**EXERCISE DETAILS**
What should come back is the data below, word for word, minus any picture.

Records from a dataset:

^^^^^^^^

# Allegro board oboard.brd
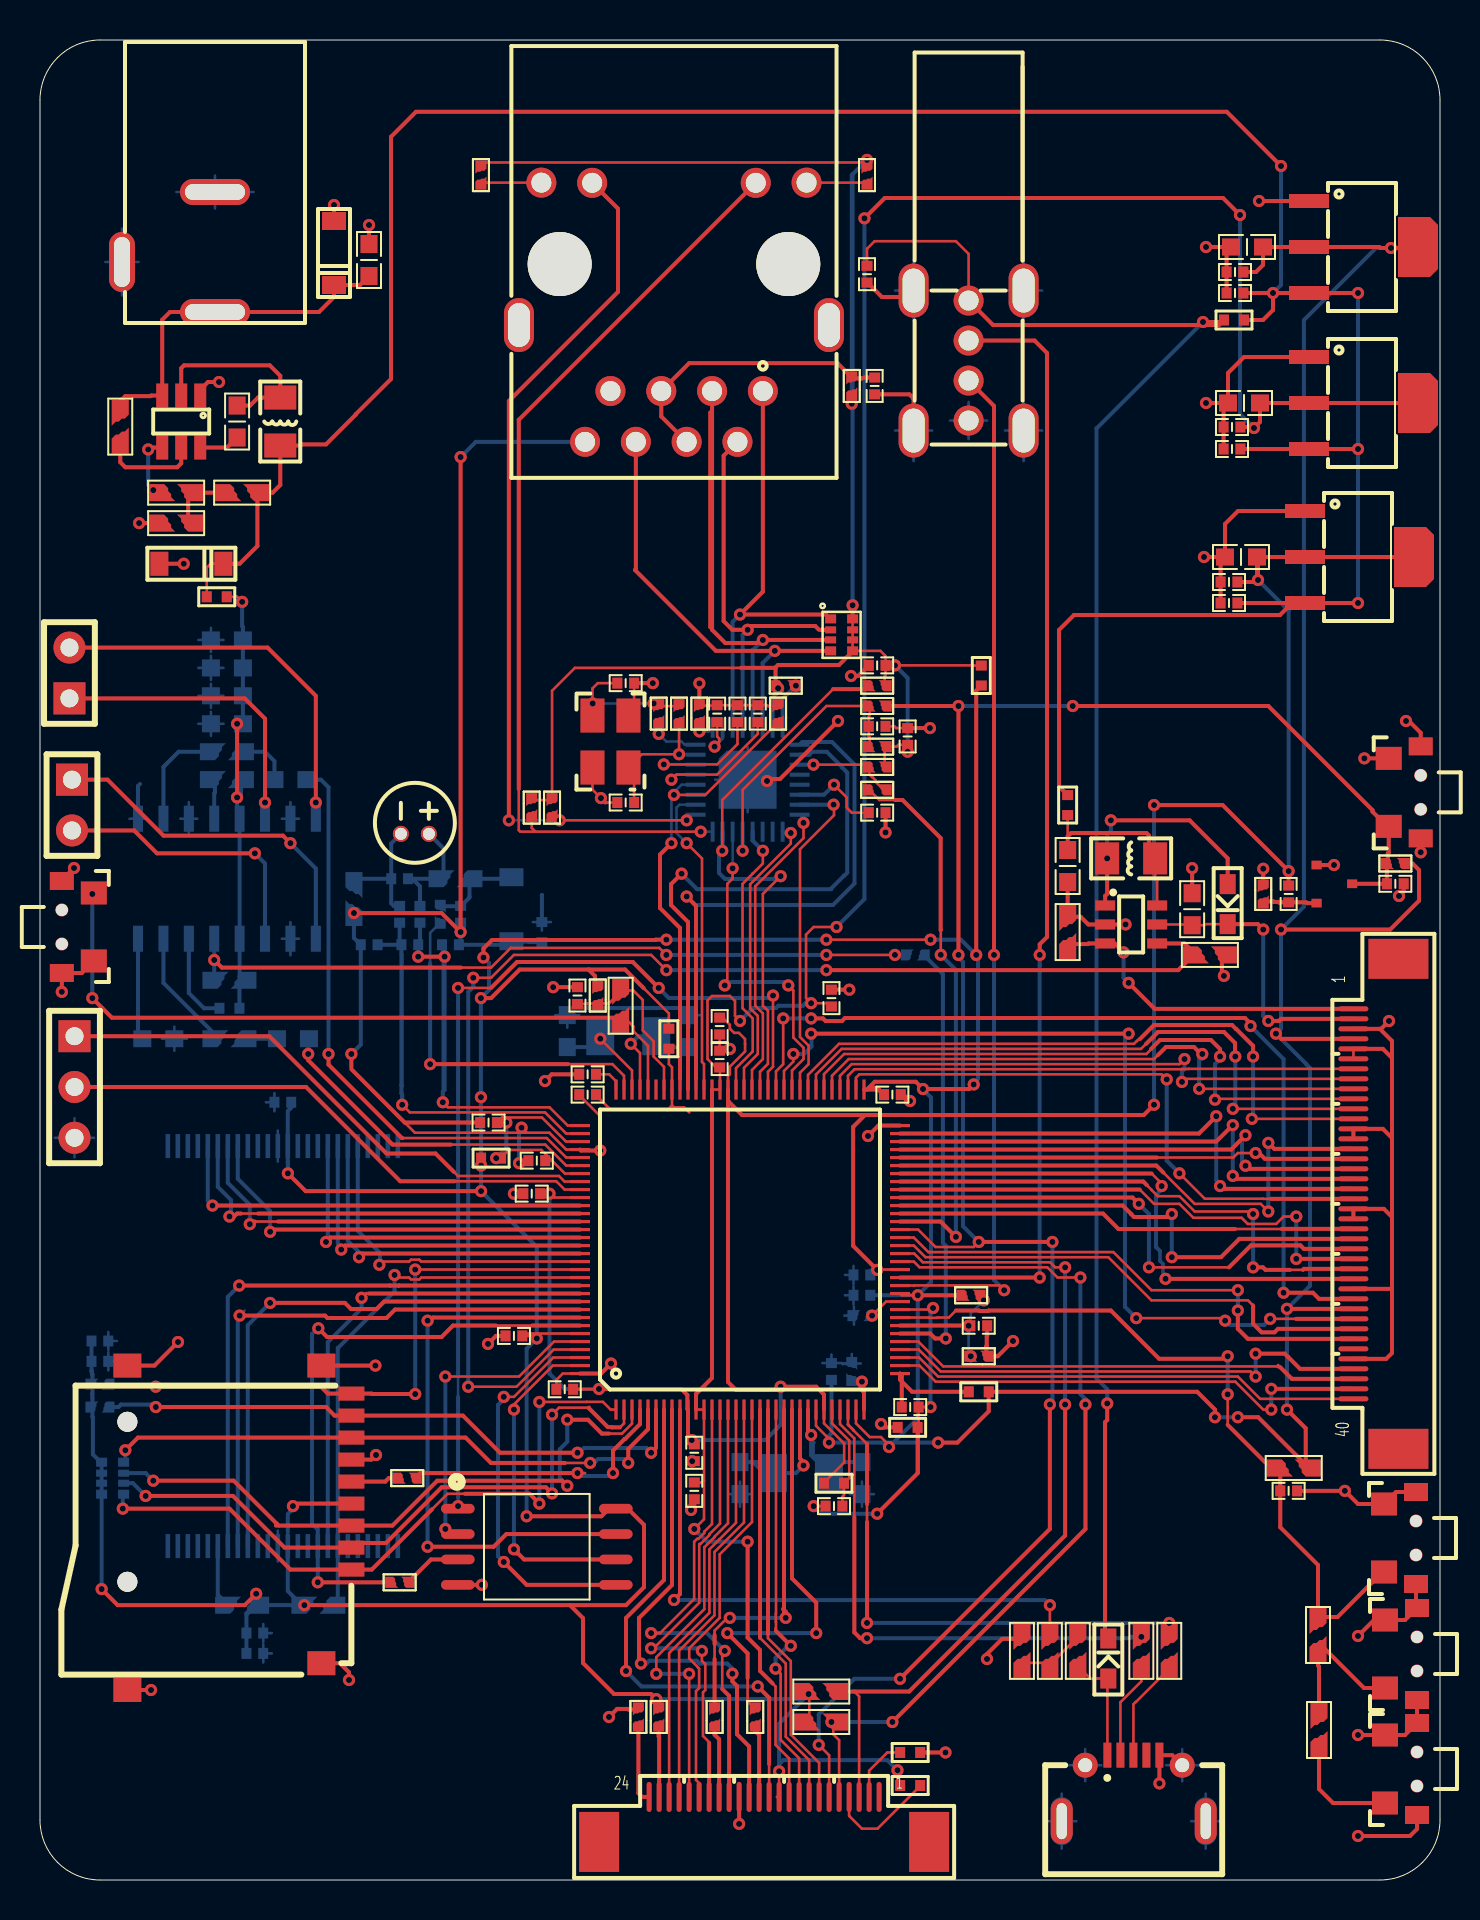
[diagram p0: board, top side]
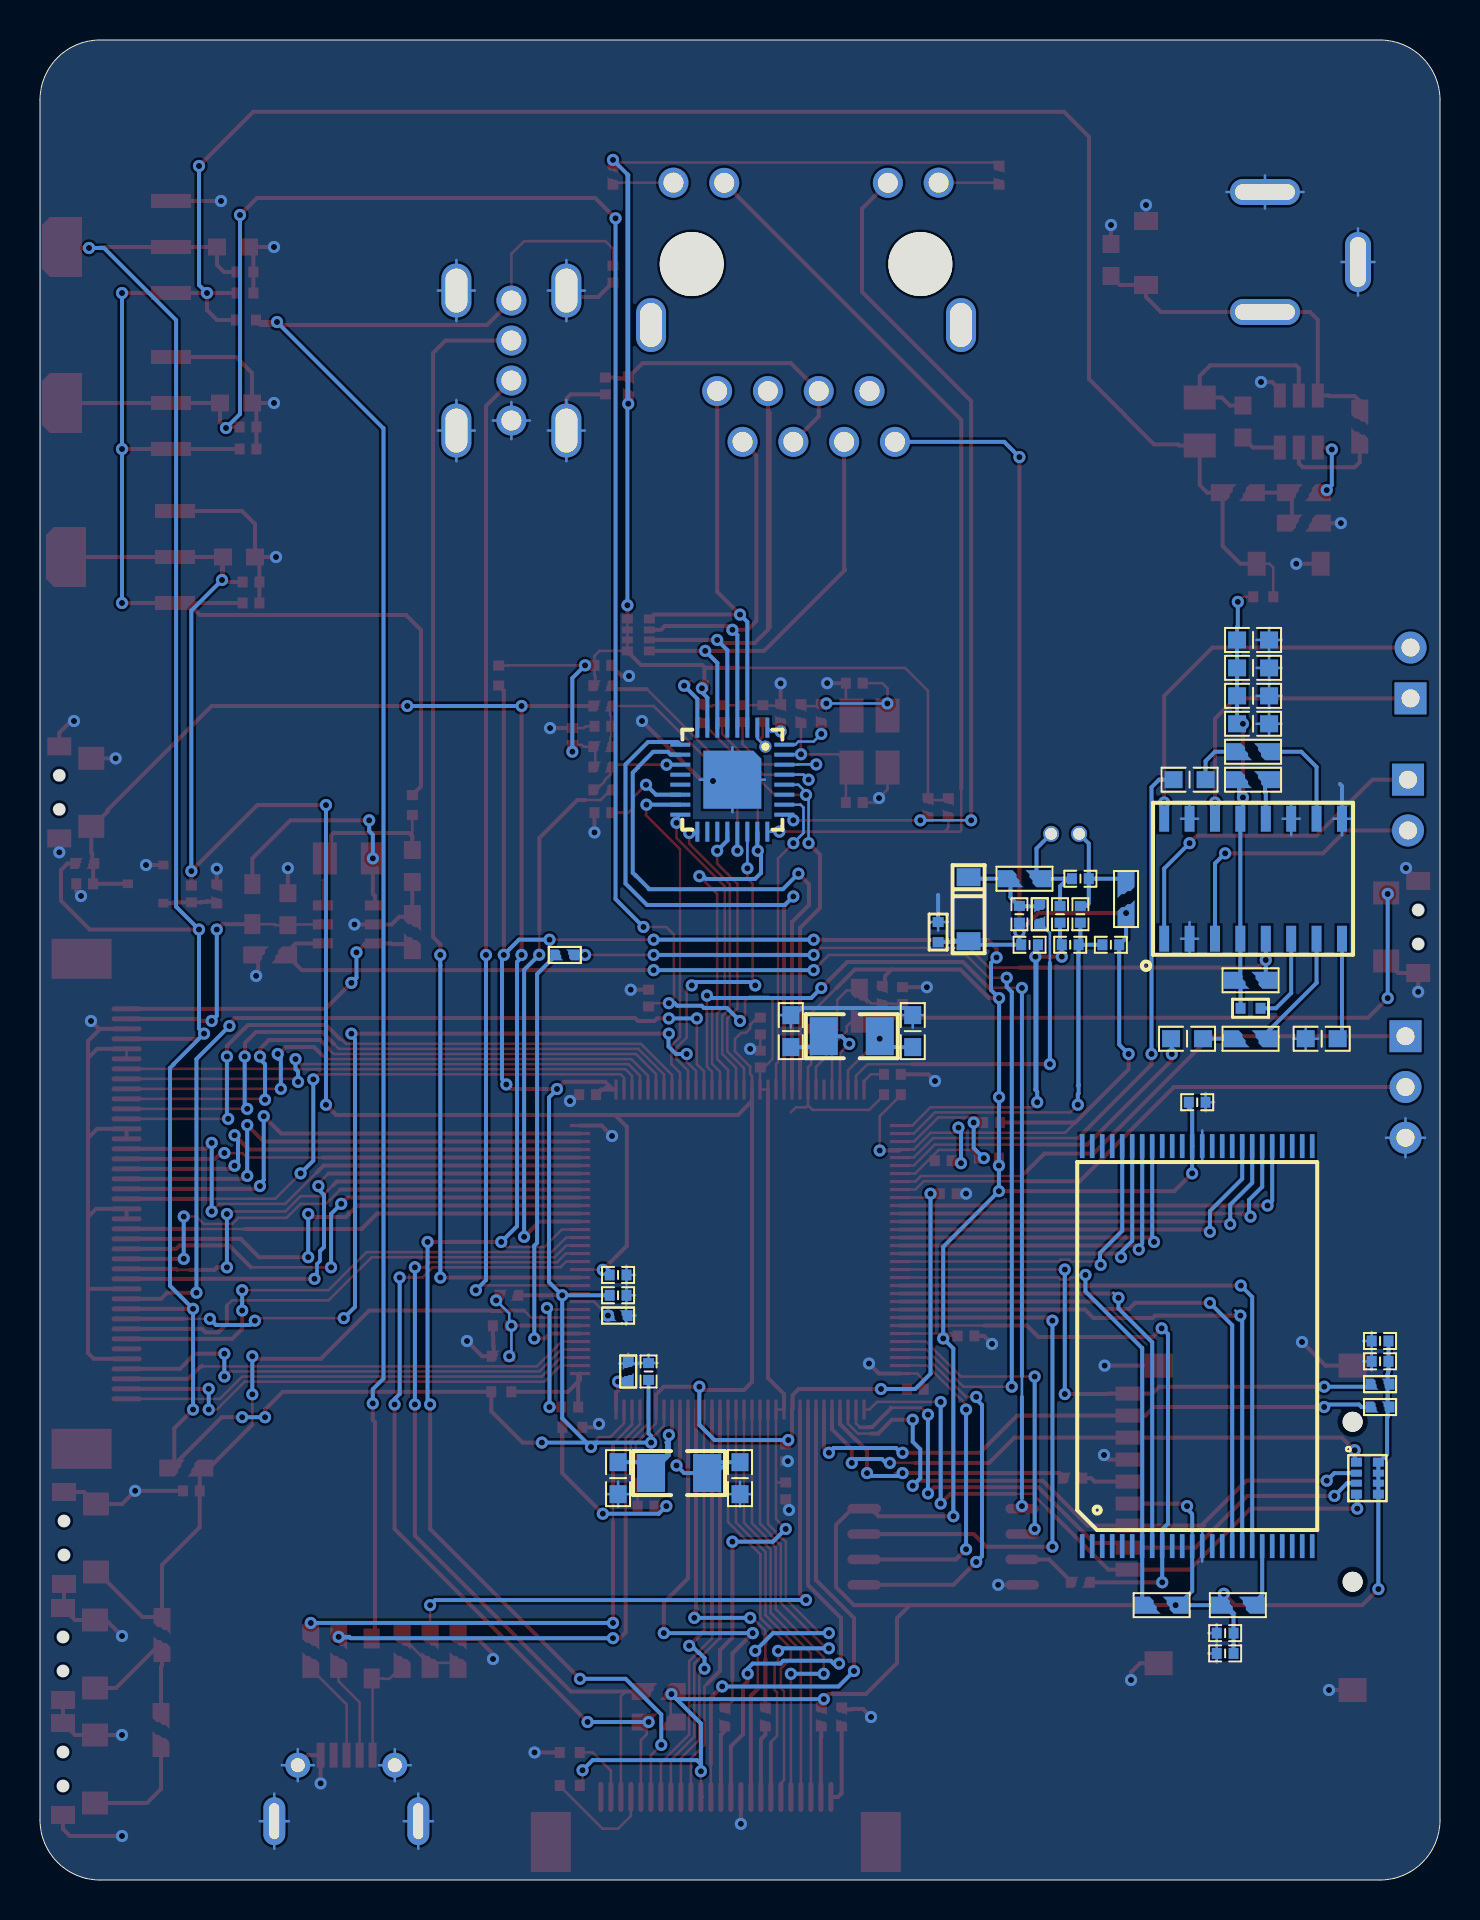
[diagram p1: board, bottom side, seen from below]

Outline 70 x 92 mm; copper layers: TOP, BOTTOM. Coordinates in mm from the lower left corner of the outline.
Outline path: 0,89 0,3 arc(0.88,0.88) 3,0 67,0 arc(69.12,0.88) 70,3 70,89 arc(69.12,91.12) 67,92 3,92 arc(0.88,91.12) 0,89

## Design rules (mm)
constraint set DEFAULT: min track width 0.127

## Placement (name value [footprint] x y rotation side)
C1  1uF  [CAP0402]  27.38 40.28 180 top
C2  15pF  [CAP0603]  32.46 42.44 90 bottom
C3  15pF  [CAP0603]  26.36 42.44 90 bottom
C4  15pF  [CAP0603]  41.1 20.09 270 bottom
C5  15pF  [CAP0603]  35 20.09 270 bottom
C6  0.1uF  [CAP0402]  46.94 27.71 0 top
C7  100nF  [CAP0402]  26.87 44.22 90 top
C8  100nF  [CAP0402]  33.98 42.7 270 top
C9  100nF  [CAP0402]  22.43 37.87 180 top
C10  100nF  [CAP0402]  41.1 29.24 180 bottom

^^^^^^^^

**RESULT OF THE EXERCISE**
# Allegro board oboard.brd
[diagram p0: board, top side]
[diagram p1: board, bottom side, seen from below]

Outline 70 x 92 mm; copper layers: TOP, BOTTOM. Coordinates in mm from the lower left corner of the outline.
Outline path: 0,89 0,3 arc(0.88,0.88) 3,0 67,0 arc(69.12,0.88) 70,3 70,89 arc(69.12,91.12) 67,92 3,92 arc(0.88,91.12) 0,89

## Design rules (mm)
constraint set DEFAULT: min track width 0.127

## Placement (name value [footprint] x y rotation side)
C1  1uF  [CAP0402]  27.38 40.28 180 top
C2  15pF  [CAP0603]  32.46 42.44 90 bottom
C3  15pF  [CAP0603]  26.36 42.44 90 bottom
C4  15pF  [CAP0603]  41.1 20.09 270 bottom
C5  15pF  [CAP0603]  35 20.09 270 bottom
C6  0.1uF  [CAP0402]  46.94 27.71 0 top
C7  100nF  [CAP0402]  26.87 44.22 90 top
C8  100nF  [CAP0402]  33.98 42.7 270 top
C9  100nF  [CAP0402]  22.43 37.87 180 top
C10  100nF  [CAP0402]  41.1 29.24 180 bottom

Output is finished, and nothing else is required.